Your opinion is your opinion and need not have any more relation to facts than anyone else's.

And how many complex systems supposedly secure turn out to be hacked into? Yep, lots, from the military on down. I'm very happy for you being supremely confident that everything is locked up tight..... the newspapers regularly report a different account, of course..... but thre's a name for that. ANY comm system can be hacked into, because so much of it is in uncontrolled areas

Sparky_NY
03-08-2019, 04:28 PM
Your opinion is your opinion and need not have any more relation to facts than anyone else's.

Very true and applies to your posts as well. Tomato just pointed this out the other day quite well.

BobinOK
03-08-2019, 04:51 PM
Spent 20 years with Motorola, dial up is pretty easy to hack if you know the phone number, microwave not so easy. One might get on a repeater link and interrupt the signal but as soon as the link went down even for a few seconds someone would be dispatched to check it out. If it was me when I was working my Browning High Power was with me. Mostly for snakes and critters but if attacked I had the means to defend myself. On top of that the critical links are encrypted. Only way would be to have someone on the inside which could happen but difficult.

J Tiers
03-08-2019, 05:11 PM
Spent 20 years with Motorola, dial up is pretty easy to hack if you know the phone number, microwave not so easy. One might get on a repeater link and interrupt the signal but as soon as the link went down even for a few seconds someone would be dispatched to check it out. If it was me when I was working my Browning High Power was with me. Mostly for snakes and critters but if attacked I had the means to defend myself. On top of that the critical links are encrypted. Only way would be to have someone on the inside which could happen but difficult.

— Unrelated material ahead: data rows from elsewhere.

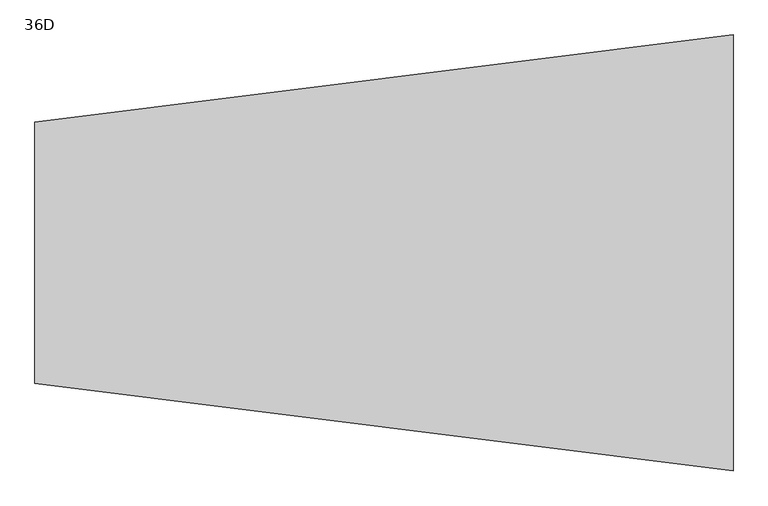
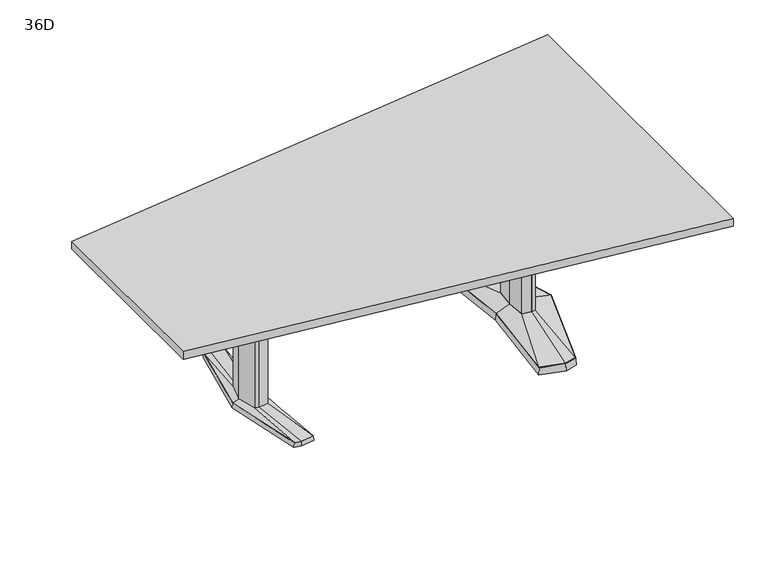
"""IFC4 building model written with IfcOpenShell, lengths in millimetres: furniture geometry, Coalesse_AM_Table_Conference_ETable2_Trapezoid_96in_AluminiumBase : 36D."""

from ifc_helpers import new_model, si_unit, frame, origin, place, context, project, spatial, polyline, outline, extrude, faceted_brep, source, transform, mapped, element, save
from ifc_brep_helpers import plane_surface, spline_surface, advanced_brep


def furniture_36d_ee0eb5e9(model_context):
    return source(origin(), model_context, "Body", "SolidModel", [
        advanced_brep(
        [(-612.4690971, -379.3768856, 25.4), (-646.5982754, -94.605478, 36.5125), (-665.8514743, -89.293702, 36.5125), (-642.1944136, -371.5332654, 25.4), (-549.3800038, -368.5071562, 25.4), (-603.6708501, -87.0529327, 36.5125), (-577.4577254, 0.3970149, 25.4), (-595.5551707, 0.0, 36.5125), (-549.3802502, 368.5172593, 25.4), (-603.6708501, 87.0529327, 36.5125), (-612.4689733, 379.3769183, 25.4), (-646.5982754, 94.605478, 36.5125), (-642.3722958, 371.4863276, 25.4), (-665.8514743, 89.293702, 36.5125), (-719.1039163, 0.0003516, 25.4), (-689.7782751, 0.0, 36.5125), (-575.8656242, 0.3968871, 3.175), (-547.6875, -369.8264415, 3.175), (-612.5400504, -381.0, 3.175), (-643.5497317, -372.8174744, 3.175), (-720.725, 0.0, 3.175), (-643.7280745, 372.7704151, 3.175), (-612.5400504, 381.0, 3.175), (-547.6875, 369.8367279, 3.175), (-647.2166764, 107.6121478, 3.175), (-676.2370973, 99.6056872, 3.175), (-702.9270585, 0.0, 3.175), (-676.2370973, -99.6056872, 3.175), (-647.2166764, -107.6121478, 3.175), (-591.9252951, -97.8843184, 3.175), (-582.7998387, 0.0, 3.175), (-591.9252951, 97.8843184, 3.175), (-611.0474312, 346.9152841, 3.175), (-645.1732026, 337.9105158, 3.175), (-646.2913109, 324.4807859, 3.175), (-610.4788144, 333.9306305, 3.175), (-557.8077418, 324.8641942, 3.175), (-555.3998871, 337.3364985, 3.175), (-611.0474312, -346.9152841, 3.175), (-555.3998871, -337.3364985, 3.175), (-557.8077418, -324.8641942, 3.175), (-610.4788144, -333.9306305, 3.175), (-646.2913109, -324.4807859, 3.175), (-645.1732026, -337.9105158, 3.175), (-647.2166764, 107.6121478, 0.0), (-591.9252951, 97.8843184, 0.0), (-582.7998387, 0.0, 0.0), (-591.9252951, -97.8843184, 0.0), (-647.2166764, -107.6121478, 0.0), (-676.2370973, -99.6056872, 0.0), (-702.9270585, 0.0, 0.0), (-676.2370973, 99.6056872, 0.0), (-611.0474312, 346.9152841, 0.0), (-555.3998871, 337.3364985, 0.0), (-557.8077418, 324.8641942, 0.0), (-610.4788144, 333.9306305, 0.0), (-646.2913109, 324.4807859, 0.0), (-645.1732026, 337.9105158, 0.0), (-611.0474312, -346.9152841, 0.0), (-645.1732026, -337.9105158, 0.0), (-646.2913109, -324.4807859, 0.0), (-610.4788144, -333.9306305, 0.0), (-557.8077418, -324.8641942, 0.0), (-555.3998871, -337.3364985, 0.0), (-665.8514743, 89.293702, 698.5), (-689.7782751, 0.0, 698.5), (-665.8514743, -89.293702, 698.5), (-646.5982754, -94.605478, 698.5), (-603.6708501, -87.0529327, 698.5), (-595.5551707, 0.0, 698.5), (-603.6708501, 87.0529327, 698.5), (-646.5982754, 94.605478, 698.5)],
        [
            (0, 1),
            (1, 2),
            (2, 3),
            (3, 0),
            (0, 4),
            (4, 5),
            (5, 1),
            (4, 6),
            (6, 7),
            (7, 5),
            (6, 8),
            (8, 9),
            (9, 7),
            (8, 10),
            (10, 11),
            (11, 9),
            (10, 12),
            (12, 13),
            (13, 11),
            (12, 14),
            (14, 15),
            (15, 13),
            (2, 15),
            (14, 3),
            (16, 17),
            (17, 18),
            (18, 19),
            (19, 20),
            (20, 21),
            (21, 22),
            (22, 23),
            (23, 16),
            (24, 25),
            (25, 26),
            (26, 27),
            (27, 28),
            (28, 29),
            (29, 30),
            (30, 31),
            (31, 24),
            (32, 33),
            (33, 34),
            (34, 35),
            (35, 36),
            (36, 37),
            (37, 32),
            (38, 39),
            (39, 40),
            (40, 41),
            (41, 42),
            (42, 43),
            (43, 38),
            (23, 8),
            (6, 16),
            (22, 10),
            (21, 12),
            (20, 14),
            (19, 3),
            (18, 0),
            (17, 4),
            (44, 45),
            (45, 46),
            (46, 47),
            (47, 48),
            (48, 49),
            (49, 50),
            (50, 51),
            (51, 44),
            (52, 53),
            (53, 54),
            (54, 55),
            (55, 56),
            (56, 57),
            (57, 52),
            (58, 59),
            (59, 60),
            (60, 61),
            (61, 62),
            (62, 63),
            (63, 58),
            (51, 25),
            (24, 44),
            (50, 26),
            (49, 27),
            (48, 28),
            (47, 29),
            (46, 30),
            (45, 31),
            (57, 33),
            (32, 52),
            (56, 34),
            (55, 35),
            (54, 36),
            (53, 37),
            (63, 39),
            (38, 58),
            (62, 40),
            (61, 41),
            (60, 42),
            (59, 43),
            (64, 65),
            (65, 66),
            (66, 67),
            (67, 68),
            (68, 69),
            (69, 70),
            (70, 71),
            (71, 64),
            (64, 13),
            (15, 65),
            (2, 66),
            (1, 67),
            (5, 68),
            (7, 69),
            (9, 70),
            (11, 71),
        ],
        [
            spline_surface(1, 1, [[(-642.1944136, -371.5332654, 25.4), (-665.8514743, -89.293702, 36.5125)], [(-612.4690971, -379.3768856, 25.4), (-646.5982754, -94.605478, 36.5125)]], [2, 2], [2, 2], [0.0, 1.0], [0.0, 1.0]),
            spline_surface(1, 1, [[(-612.4690971, -379.3768856, 25.4), (-646.5982754, -94.605478, 36.5125)], [(-549.3800038, -368.5071562, 25.4), (-603.6708501, -87.0529327, 36.5125)]], [2, 2], [2, 2], [0.0, 1.0], [0.0, 1.0]),
            spline_surface(1, 1, [[(-549.3800038, -368.5071562, 25.4), (-603.6708501, -87.0529327, 36.5125)], [(-577.4577254, 0.3970149, 25.4), (-595.5551707, 0.0, 36.5125)]], [2, 2], [2, 2], [0.0, 1.0], [0.0, 1.0]),
            spline_surface(1, 1, [[(-577.4577254, 0.3970149, 25.4), (-595.5551707, 0.0, 36.5125)], [(-549.3802502, 368.5172593, 25.4), (-603.6708501, 87.0529327, 36.5125)]], [2, 2], [2, 2], [0.0, 1.0], [0.0, 1.0]),
            spline_surface(1, 1, [[(-549.3802502, 368.5172593, 25.4), (-603.6708501, 87.0529327, 36.5125)], [(-612.4689733, 379.3769183, 25.4), (-646.5982754, 94.605478, 36.5125)]], [2, 2], [2, 2], [0.0, 1.0], [0.0, 1.0]),
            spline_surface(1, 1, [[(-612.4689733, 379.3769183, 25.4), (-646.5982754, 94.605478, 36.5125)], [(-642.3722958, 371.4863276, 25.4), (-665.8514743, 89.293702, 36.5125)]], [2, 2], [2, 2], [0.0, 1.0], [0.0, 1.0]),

The usual way in these days is "phishing" and acquiring system rights of someone with access. Even low level access then allows use of weaknesses of security to upgrade your access rights. That seems to nave been responsible for a lot of recent major hacks. People are the least secure part of the chain. That seems to be much simpler than a direct hack attack.

And, even the most secure systems have insiders. We have "moles" in russia, they have moles here, people are the MOST vulnerable part, it seems. Look at the guy who released gigabytes if secure US diplomatic and other material.... he had security clearances.... Lots tougher checks than corporate stuff, but it happened.

Smarter to work on damage limiting, and recovery than to assume you can lock out everything, because it is fairly certain that you can't.